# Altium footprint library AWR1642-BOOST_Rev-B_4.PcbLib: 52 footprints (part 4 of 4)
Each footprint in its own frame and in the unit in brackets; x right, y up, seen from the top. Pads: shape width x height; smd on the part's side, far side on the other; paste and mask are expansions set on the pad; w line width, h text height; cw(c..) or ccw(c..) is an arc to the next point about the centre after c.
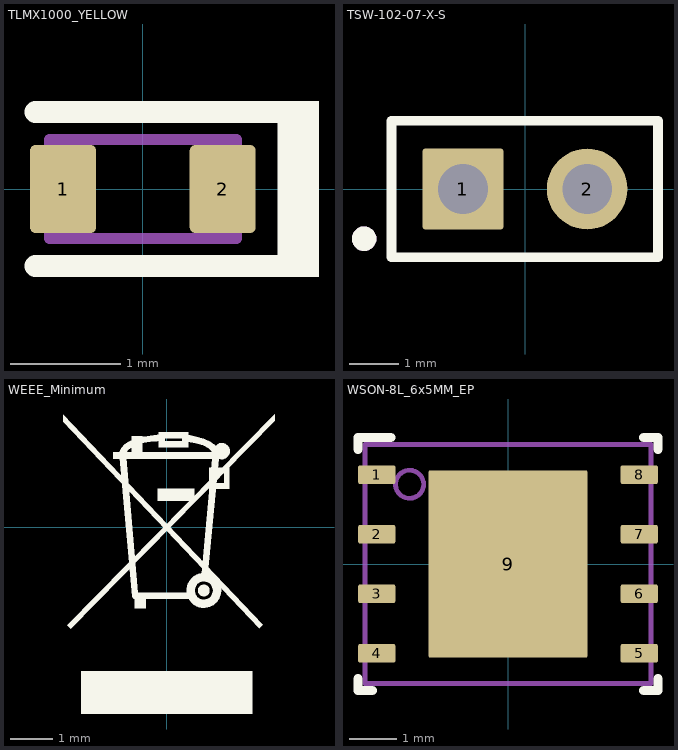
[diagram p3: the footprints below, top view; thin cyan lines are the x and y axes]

## TLMX1000_YELLOW [mm] "SMD, 2-Leads, Body 1.6x0.8mm"
height 0.65
pads (2):
  rrect17% 0.6x0.8 smd: 1(-0.725,0) 2(0.725,0)
Top Overlay:
  rectangle: 1.325,-0.8 1.6,0.8
  lines w0.2: -0.975,-0.7 1.325,-0.7 1.325,0.7 -0.975,0.7
Mechanical 5:
  rectangle: 0.6,-0.45 0.85,0.45
  lines w0.1: -0.85,-0.45 -0.85,0.45 0.85,0.45 0.85,-0.45 -0.85,-0.45
  text ".Designator" at -0.5,-0.1 h0.3
3D body: height 0.65, standoff 0.65, extent 0,-0.2 0.3,0.2
3D body: height 0.65, standoff 0, extent -0.85,-0.45 0.85,0.45

## TSW-102-07-X-S [mm] "Samtec 100 mil 1x2 head, 230 mil above insulator"
height 8.382
pads (2):
  rrect6% 1.65x1.65 hole 1.016: 1(-1.27,0)
  round 1.65 hole 1.016: 2(1.27,0)
Top Overlay:
  circle w0.25: c-3.29,-1.016 r0.125
  lines w0.2: -2.73,-1.397 -2.73,1.397 2.718,1.397 2.718,-1.397 -2.73,-1.397
Mechanical 5:
  circle w0.25: c-3.29,-1.016 r0.125
  lines w0.127: -2.73,-1.397 2.718,-1.397 2.718,1.397 -2.73,1.397 -2.73,-1.397
  text ".Designator" at -0.434,0.866 h1.02
3D body: height 8.38, standoff -2.54, extent -2.54,-1.27 2.54,1.27

## WEEE_Minimum [mm] "WEEElie bin"
height 0.6
Top Overlay:
  drawing of 23 lines, arcs and shapes, not listed

## WSON-8L_6x5MM_EP [mm] "SMD, 8-Leads, Body 6x5mm, Pitch 1.27mm"
height 0.8
pads (13):
  rrect25% 0.8x0.4 smd: 1(-2.8,1.905) 2(-2.8,0.635) 3(-2.8,-0.635) 4(-2.8,-1.905) 5(2.8,-1.905) 6(2.8,-0.635) 7(2.8,0.635) 8(2.8,1.905)
  rrect3% 3.4x4 smd paste-3: 9(0,0)
  rrect50% 1.468x1.698 on Top Paste: ""(-0.834,-0.949) ""(-0.834,0.949) ""(0.834,-0.949) ""(0.834,0.949)
Top Overlay:
  lines w0.2: -3.2,-2.45 -3.2,-2.7 -2.9,-2.7 ; -3.2,2.45 -3.2,2.7 -2.5,2.7 ; 2.9,-2.7 3.2,-2.7 3.2,-2.45 ; 2.9,2.7 3.2,2.7 3.2,2.45
Mechanical 5:
  circle w0.1: c-2.1,1.7 r0.3
  lines w0.1: -3.05,-2.55 -3.05,2.55 3.05,2.55 3.05,-2.55 -3.05,-2.55
  text ".Designator" at -1,-0.2 h0.6
3D body: height 0.8, standoff 0, extent -3.05,-2.55 3.05,2.55
3D body: height 0.8, standoff 0.5, extent -2.399,1.401 -1.8,2
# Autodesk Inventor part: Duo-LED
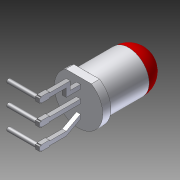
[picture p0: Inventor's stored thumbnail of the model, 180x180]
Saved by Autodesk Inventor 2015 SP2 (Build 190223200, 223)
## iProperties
Created: 2016-03
Part Number: Duo-LED
Material: Allgemein
Document SubType Name: Modeling
Designer: ryll
Density: 1 g/cm^3
Appearance: Vorgabe
Title: 59.STEP
Description: STEP AP214
Creation Date: 2008-08-27
Sending System: SolidWorks 2008
Preprocessor: SwSTEP 2.0
Author: ryll
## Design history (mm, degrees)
node "591"
workplane "Arbeitsebene1"
sketch "Skizze1"
  geometry: L1 (2.411, 3.03)-(-2.998, 3.03); L2 (-2.998, 3.03)-(-2.998, -3.074); L3 (-2.998, -3.074)-(2.411, -3.074); L4 (2.411, -3.074)-(2.411, 3.03); 1 further point
  constraints: 8 end point, 2 parallel, 1 horizontal, 1 perpendicular
extrude "Extrusion1" cut sketch "Skizze1" distance "d1" = 20; taper "d2" = 0 deg
sketch "Skizze2"
  geometry: L1 (-3.04, -1.2)-(-2.54, -1.2) reference; L2 (-2.54, -1)-(-2.54, -1.2) reference; L3 (-2.44, -1)-(-2.54, -1) reference; L4 (-2.44, -1)-(-2.44, 0) reference; L5 (-2.44, 0)-(-2.54, 0) reference; L6 (-2.54, 2.05)-(-2.54, 0) reference; L7 (-1.61, 3.8)-(-2.54, 2.05) reference; L8 (-2.11, 3.8)-(-1.61, 3.8) reference; L9 (-3.04, 2.05)-(-2.11, 3.8) reference; L10 (-3.04, 0)-(-3.04, 2.05) reference; L11 (-3.04, 0)-(-3.14, 0) reference; L12 (-3.14, -1)-(-3.14, 0) reference; L13 (-3.04, -1)-(-3.14, -1) reference; L14 (-3.04, -1.2)-(-3.04, -1) reference; L15 (-0.5, -1.2)-(0, -1.2) reference; L16 (0, -1.2)-(0, -1) reference; L17 (0, -1)-(0.1, -1) reference; L18 (0.1, 0)-(0.1, -1) reference; L19 (0, 0)-(0.1, 0) reference; L20 (0, 0)-(0, 3.8) reference; L21 (0, 3.8)-(-0.5, 3.8) reference; L22 (-0.5, 3.8)-(-0.5, 0) reference; L23 (-0.6, 0)-(-0.5, 0) reference; L24 (-0.6, 0)-(-0.6, -1) reference; L25 (-0.6, -1)-(-0.5, -1) reference; L26 (-0.5, -1)-(-0.5, -1.2) reference; L27 (2.04, -1.2)-(2.54, -1.2) reference; L28 (2.54, -1)-(2.54, -1.2) reference; L29 (2.54, -1)-(2.64, -1) reference; L30 (2.64, 0)-(2.64, -1) reference; L31 (2.54, 0)-(2.64, 0) reference; L32 (2.54, 2.55)-(2.54, 0) reference; L33 (1.54, 2.55)-(2.54, 2.55) reference; L34 (1.54, 3.8)-(1.54, 2.55) reference; L35 (1.04, 3.8)-(1.54, 3.8) reference; L36 (1.04, 2.05)-(1.04, 3.8) reference; L37 (2.04, 2.05)-(1.04, 2.05) reference; L38 (2.04, 0)-(2.04, 2.05) reference; L39 (1.94, 0)-(2.04, 0) reference; L40 (1.94, 0)-(1.94, -1) reference; L41 (1.94, -1)-(2.04, -1) reference; L42 (2.04, -1.2)-(2.04, -1) reference; L43 (-2.54, -1)-(-2.54, -1.2) reference; L44 (2.54, -1)-(2.54, -1.2) reference; L45 (2.04, -1.2)-(2.54, -1.2) reference; L46 (-0.5, -1.2)-(0, -1.2) reference; L47 (-3.04, -1.2)-(-2.54, -1.2) reference; C1 r 0.25 at (2.29, -0.95); C2 r 0.25 at (-0.25, -0.95); C3 r 0.25 at (-2.79, -0.95); 1 further point
  constraints: 6 tangent, 3 centre point
  dimensions: "d6" = 0.5 diameter of C1; "d7" = 0.5 diameter of C2; "d8" = 0.5 diameter of C3
extrude "Extrusion2" join sketch "Skizze2" distance "d4" = 3.5; taper "d5" = 0 deg
node "NONE"
node "Basis1"
node "Projizierte Kontur1"
node "Projizierte Kontur2"
node "Projizierte Kontur3"
other parameters: "d0" = -6
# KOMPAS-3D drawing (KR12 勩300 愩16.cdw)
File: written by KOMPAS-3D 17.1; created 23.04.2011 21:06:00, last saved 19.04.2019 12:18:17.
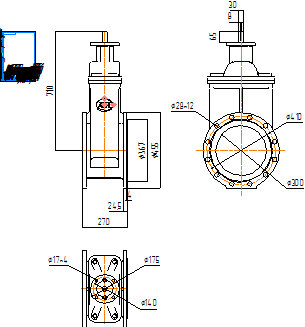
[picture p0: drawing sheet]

Sheet 1: A4, portrait

Title block, sheet 1: name: KR12 Ду300 Ру16; material: Внимание! Данный продукт является объектом авторского права ООО «Торговый Дом АДЛ». / Запрещается изменение, копирование, распространение / (в том числе путем копирования на другие сайты и ресурсы в Интернете) / или любое иное использование информации и объектов без предварительного / согласия правообладателя (ООО «Торговый Дом АДЛ»).; scale: 1:1; sheets: 1; organisation: ООО "Торговый дом АДЛ"; sheet format: A4; stored path: \\adlc.lan\data\АДЛ_ПКД\3D-модели\ADL production\Клиновые задвижки серии KR ГРАНАР\Клиновые задвижки KR12\KOMPAS 2D\KR12 Ду300 Ру16.cdw

Views: Спереди 4, Проекционный вид 5
Dimensions and other numbers on the sheet: 710; 270; 24,5; 4; 367; 455; 175; 17; 140; 1:1; 1
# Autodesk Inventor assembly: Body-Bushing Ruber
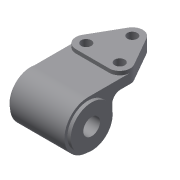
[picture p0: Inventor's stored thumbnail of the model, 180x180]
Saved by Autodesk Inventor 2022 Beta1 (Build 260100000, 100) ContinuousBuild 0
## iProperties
Created: 2011-07
Part Number: Body-Bushing Ruber
Document SubType Name: Assembly
Designer: CadCim
Author: CadCim
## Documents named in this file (3)
- D:\PROJECTS_2021\Resources\Tutorial Files\c09_Inv_2022_tut\c09_Inv_2021_tut\c09_Inv_tut_2021\c09_tut03_inv\Anti Vibration Mount\Body-Bushing Ruber.iam
- D:\PROJECTS_2021\Resources\Tutorial Files\c09_Inv_2022_tut\c09_Inv_2021_tut\c09_Inv_tut_2021\c09_tut03_inv\Anti Vibration Mount\Body.ipt
- D:\PROJECTS_2021\Resources\Tutorial Files\c09_Inv_2022_tut\c09_Inv_2021_tut\c09_Inv_tut_2021\c09_tut03_inv\Anti Vibration Mount\Bushing Rubber.ipt
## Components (3 placed, 2 different names)
1. Body:1 — Insert:1, Insert:2
2. Bushing Rubber:1 — Insert:1
3. Bushing Rubber:2 — Insert:2
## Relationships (2: Insert 2)
- Insert:1: Body:1 ↔ Bushing Rubber:1
- Insert:2: Body:1 ↔ Bushing Rubber:2

────

Repeat exactly the lines from the first line of the records above through the line containing "Each footprint in", both included, and nothing else.

# Altium footprint library AWR1642-BOOST_Rev-B_4.PcbLib: 52 footprints (part 4 of 4)
Each footprint in its own frame and in the unit in brackets; x right, y up, seen from the top. Pads: shape width x height; smd on the part's side, far side on the other; paste and mask are expansions set on the pad; w line width, h text height; cw(c..) or ccw(c..) is an arc to the next point about the centre after c.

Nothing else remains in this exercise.